Conceptual perspectives on defining distances between causal graphs

Conceptual perspectives on defining distances between causal graphs.

Leonard Henckel, University College Dublin.

5th of February 2026

Abstract: 

Causal graphical models are a particularly popular paradigm for causal reasoning. One challenge in working with them is that they often lack well-defined and meaningful distances. This limits our ability to evaluate graph estimators practically, study their theoretical properties or quantify uncertainty in their estimates. Existing measures, such as the structural Hamming distance, are edge-by-edge mismatch counts and thus lack a conceptual grounding in what the graphs represent. In this talk, I discuss two distinct and complementary philosophies for developing more meaningful distances.

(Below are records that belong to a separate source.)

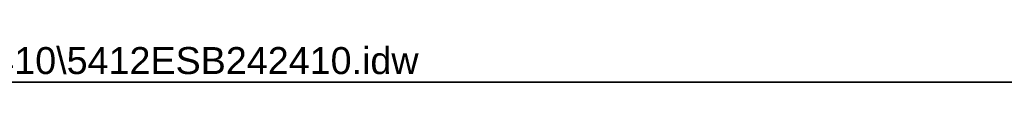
# Model space of a CAD drawing. Header units: inches. Extents: x 3 to 173, y 3 to 113.
# Tile 39 of 57: x 100.15 to 134.32, y 111.15 to 112.49. Entities that reach past the tile are written whole.
import ezdxf

# ---------------------------------------------------------------- set-up
doc = ezdxf.new("R2010")
doc.units = ezdxf.units.IN
doc.header["$LTSCALE"] = 10.4
doc.header["$MEASUREMENT"] = 0
doc.layers.get('0').update_dxf_attribs({"lineweight": 25})
doc.layers.add('Sketch Geometry(ANSI)', color=7, linetype='Continuous', lineweight=25)
doc.layers.add('Symbols(ANSI)', color=7, linetype='Continuous', lineweight=25)
doc.styles.add('Current-ANSI', font='arial.ttf')

# ---------------------------------------------------------------- blocks, each defined once
blk = doc.blocks.new('Borders 3_EXM - B (Inch)')
at = {"layer": 'Sketch Geometry(ANSI)', "linetype": 'Continuous', "lineweight": 35}
blk.add_line((16.3979, 10.6915), (0.5229, 10.6915), dxfattribs=at)
at = {"layer": 'Symbols(ANSI)', "color": 7, "style": 'Current-ANSI'}
blk.add_attdef('FILENAME_AND_PATH_001', (5.9364, 10.7181), '', height=0.09, dxfattribs=at)

msp = doc.modelspace()

# ---------------------------------------------------------------- block references
at = {"xscale": 10.4, "yscale": 10.4, "zscale": 10.4}
msp.add_blockref('Borders 3_EXM - B (Inch)', (0, 0), dxfattribs=at).add_auto_attribs({'FILENAME_AND_PATH_001': 'C:\\Vault_Workspace\\Inventor_Dwg\\BoxCad\\Result\\5412ESB242410\\5412ESB242410.idw'})

doc.saveas('drawing.dxf')
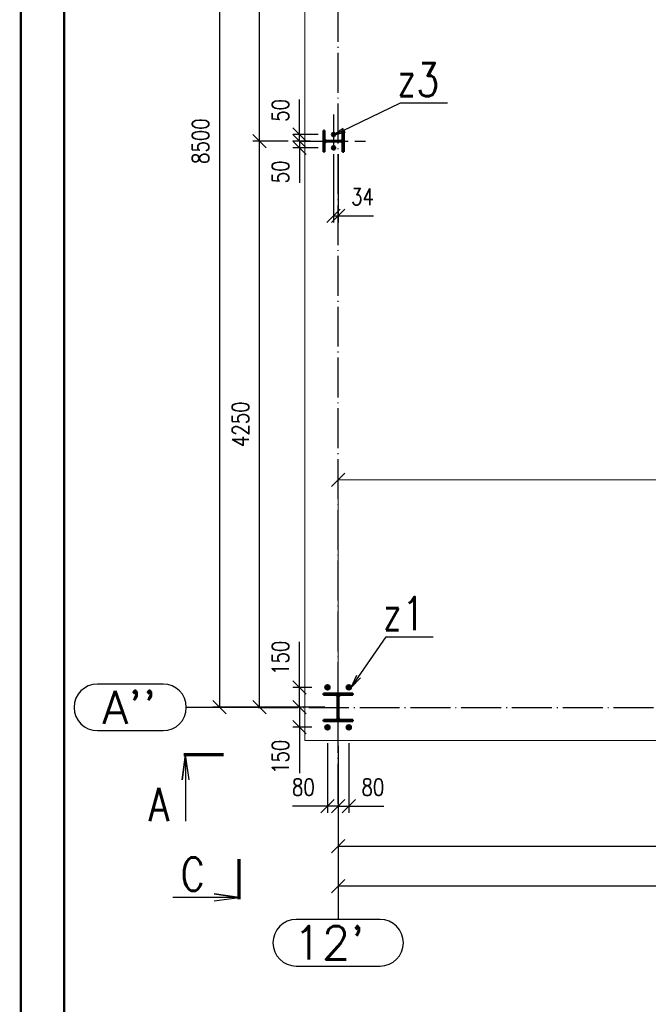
# Paper-space layout 'Layout1' of a CAD drawing. Extents: x -2 to 1033, y -36 to 596.
# Tile 29 of 126: x 0 to 94, y 300 to 448. Entities that reach past the tile are written whole.
import ezdxf
from ezdxf.enums import TextEntityAlignment as Align

# ---------------------------------------------------------------- set-up
doc = ezdxf.new("R2010")
doc.units = 0
for name, pattern in [('ACAD_ISO02W100', [15, 12, -3]), ('ACAD_ISO04W100', [30.5, 24, -3, 0.5, -3]), ('HP_01_CER_B', [8, 5, -1, 1, -1])]:
    doc.linetypes.add(name, pattern=pattern)
doc.layers.get('0').update_dxf_attribs({"linetype": 'CONTINUOUS'})
doc.layers.get('DEFPOINTS').update_dxf_attribs({"color": 132, "linetype": 'CONTINUOUS'})
doc.layers.add('RAMECEK_HP', color=251, linetype='CONTINUOUS')
for name, color, linetype, lineweight in [('SS_KOTVY', 2, 'CONTINUOUS', 35), ('SS_KOTY', 3, 'CONTINUOUS', 25), ('SS_OSY_025', 7, 'HP_01_CER_B', 25), ('SS_PLNA_025', 7, 'CONTINUOUS', 25), ('SS_PODKLADY', 9, 'CONTINUOUS', 13), ('SS_PODKLADY_KOTY', 251, 'CONTINUOUS', 13), ('SS_POPIS_PROFILU', 13, 'CONTINUOUS', 25), ('SS_REZ', 6, 'CONTINUOUS', 70), ('SS_SLOUP ŠTÍTOVÝ', 183, 'CONTINUOUS', 50), ('SS_SLOUPY KRAJNÍ', 143, 'CONTINUOUS', 50), ('SS_SRAFY', 8, 'CONTINUOUS', 18), ('SS_TEXT7', 6, 'CONTINUOUS', 70)]:
    doc.layers.add(name, color=color, linetype=linetype, lineweight=lineweight)
doc.styles.add('ROMANS', font='romans.shx', dxfattribs={"width": 0.8})
doc.styles.add('romans.shx', font='romans.shx', dxfattribs={"height": 5})
doc.dimstyles.new('A-1_(2.5)_50AS', dxfattribs={"dimtxt": 2.5, "dimasz": 2, "dimexe": 1, "dimexo": 2, "dimgap": 0, "dimtad": 0, "dimdec": 1, "dimlfac": 50, "dimrnd": 1, "dimtxsty": 'ROMANS', "dimblk1": 'OBLIQUE', "dimblk2": 'OBLIQUE', "dimsah": 1, "dimcen": 2, "dimclrd": 256, "dimclre": 256, "dimclrt": 256, "dimadec": 1, "dimazin": 2, "dimtfac": 0.714286, "dimtdec": 1, "dimtmove": 0, "dimatfit": 3, "dimldrblk": 'OPEN', "dimfxl": 1, "dimtvp": 1.142857, "dimtfill": 1, "dimtolj": 1, "dimlwd": -1, "dimlwe": -1, "dimarcsym": 0})
pattern_1 = [(45, (47.64707, 344.93782), (-0.04490128, 0.04490128), [])]

# ---------------------------------------------------------------- blocks, each defined once
blk = doc.blocks.new('*U6')
at = {"layer": 'RAMECEK_HP', "lineweight": 35, "const_width": 0.35}
for points in [[(0, 594), (0, 0), (841, 0), (841, 594)], [(6.5, 587.5), (6.5, 6.5), (834.5, 6.5), (834.5, 587.5)]]:
    blk.add_lwpolyline(points, close=True, dxfattribs=at)
at = {"layer": 'DEFPOINTS', "style": 'ROMANS', "width": 0.8}
blk.add_attdef('TISK', text='', height=10, dxfattribs=at).set_placement((841, -33), align=Align.RIGHT)
blk = doc.blocks.new('*U11')
at = {"layer": 'SS_PLNA_025'}
blk.add_lwpolyline([(-5.2, -3.78), (-5.72, 0), (-6.25, -3.78), (-5.72, 0), (-5.72, -10)], dxfattribs=at)
at = {"layer": 'SS_REZ'}
blk.add_line((-5.99, 0), (0, 0), dxfattribs=at)
at = {"layer": 'SS_TEXT7', "style": 'ROMANS', "width": 0.8}
blk.add_attdef('REZv', text='', height=5, dxfattribs=at).set_placement((-9.72, -10), align=Align.CENTER)
blk = doc.blocks.new('*U17')
at = {"layer": 'SS_PLNA_025'}
blk.add_lwpolyline([(-3.78, -6.25), (0, -5.72), (-3.78, -5.2), (0, -5.72), (-10, -5.72)], dxfattribs=at)
at = {"layer": 'SS_REZ'}
blk.add_line((0, -5.99), (0, 0), dxfattribs=at)
at = {"layer": 'SS_TEXT7', "style": 'ROMANS', "width": 0.8}
blk.add_attdef('REZs', text='', height=5, dxfattribs=at).set_placement((-7, -4.72), align=Align.CENTER)
blk = doc.blocks.new('_Oblique')
at = {"color": 0, "linetype": 'ByBlock', "lineweight": -2}
blk.add_line((-0.5, -0.5), (0.5, 0.5), dxfattribs=at)
blk = doc.blocks.new('*D19')
at = {"layer": 'DEFPOINTS', "color": 0, "transparency": 16777216}
for p in [(47.65, 340.94, 0.4), (162.65, 340.94, 0.4), (162.65, 324.09)]:
    blk.add_point(p, dxfattribs=at)
at = {"layer": 'SS_KOTY', "transparency": 16777216}
for p, q in [((47.65, 338.94), (47.65, 323.09)), ((162.65, 338.94), (162.65, 323.09)), ((47.65, 324.09), (162.65, 324.09))]:
    blk.add_line(p, q, dxfattribs=at)
at = {"layer": 'SS_KOTY', "transparency": 16777216, "xscale": 2, "yscale": 2, "zscale": 2, "rotation": 180}
blk.add_blockref('_Oblique', (47.65, 324.09), dxfattribs=at)
at = {"layer": 'SS_KOTY', "transparency": 16777216, "xscale": 2, "yscale": 2, "zscale": 2}
blk.add_blockref('_Oblique', (162.65, 324.09), dxfattribs=at)
at = {"layer": 'SS_KOTY', "transparency": 16777216, "insert": (105.15, 326.95), "char_height": 2.5, "attachment_point": 5, "style": 'ROMANS', "bg_fill": 3, "box_fill_scale": 1.1, "bg_fill_color": 256, "bg_fill_true_color": 13158600, "bg_fill_transparency": 0}
blk.add_mtext('\\A1;5750', dxfattribs=at)
blk = doc.blocks.new('_OPEN')
at = {"color": 0, "linetype": 'ByBlock'}
for p, q in [((-1, 0.167), (0, 0)), ((0, 0), (-1, -0.167)), ((0, 0), (-1, 0))]:
    blk.add_line(p, q, dxfattribs=at)
blk = doc.blocks.new('*D21')
at = {"layer": 'DEFPOINTS', "color": 0, "transparency": 16777216}
for p in [(47.65, 341.14, 0.8), (277.65, 340.94), (47.65, 318.09)]:
    blk.add_point(p, dxfattribs=at)
at = {"layer": 'SS_KOTY', "transparency": 16777216}
for p, q in [((47.65, 339.14), (47.65, 317.09)), ((277.65, 338.94), (277.65, 317.09)), ((277.65, 318.09), (47.65, 318.09))]:
    blk.add_line(p, q, dxfattribs=at)
at = {"layer": 'SS_KOTY', "transparency": 16777216, "xscale": 2, "yscale": 2, "zscale": 2, "rotation": 180}
blk.add_blockref('_Oblique', (47.65, 318.09), dxfattribs=at)
at = {"layer": 'SS_KOTY', "transparency": 16777216, "xscale": 2, "yscale": 2, "zscale": 2}
blk.add_blockref('_Oblique', (277.65, 318.09), dxfattribs=at)
at = {"layer": 'SS_KOTY', "transparency": 16777216, "insert": (162.65, 320.95), "char_height": 2.5, "attachment_point": 5, "style": 'ROMANS', "bg_fill": 3, "box_fill_scale": 1.1, "bg_fill_color": 256, "bg_fill_true_color": 13158600, "bg_fill_transparency": 0}
blk.add_mtext('\\A1;11500', dxfattribs=at)
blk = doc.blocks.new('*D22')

The first philosophy is what we call model-oriented: it centers the causal models the graphs represent. More concretely, we propose organizing the graphs in a partially ordered set based on model inclusion. The model-oriented distance between two graphs is then defined as the length of the shortest path through neighbors in this partial ordering. This provides an intellectually parsimonious yet elegant way to define meaningful distances across causal graph classes. We also illustrate the framework for several concrete graph classes. The second philosophy is what we call task-oriented: it centers a concrete task we wish to use our causal graphs for and defines distance by the number of errors that would result if one graph were used to solve a task while the true model followed the other graph. Using this framework, we develop several concrete distances for the task of identifying causal effects.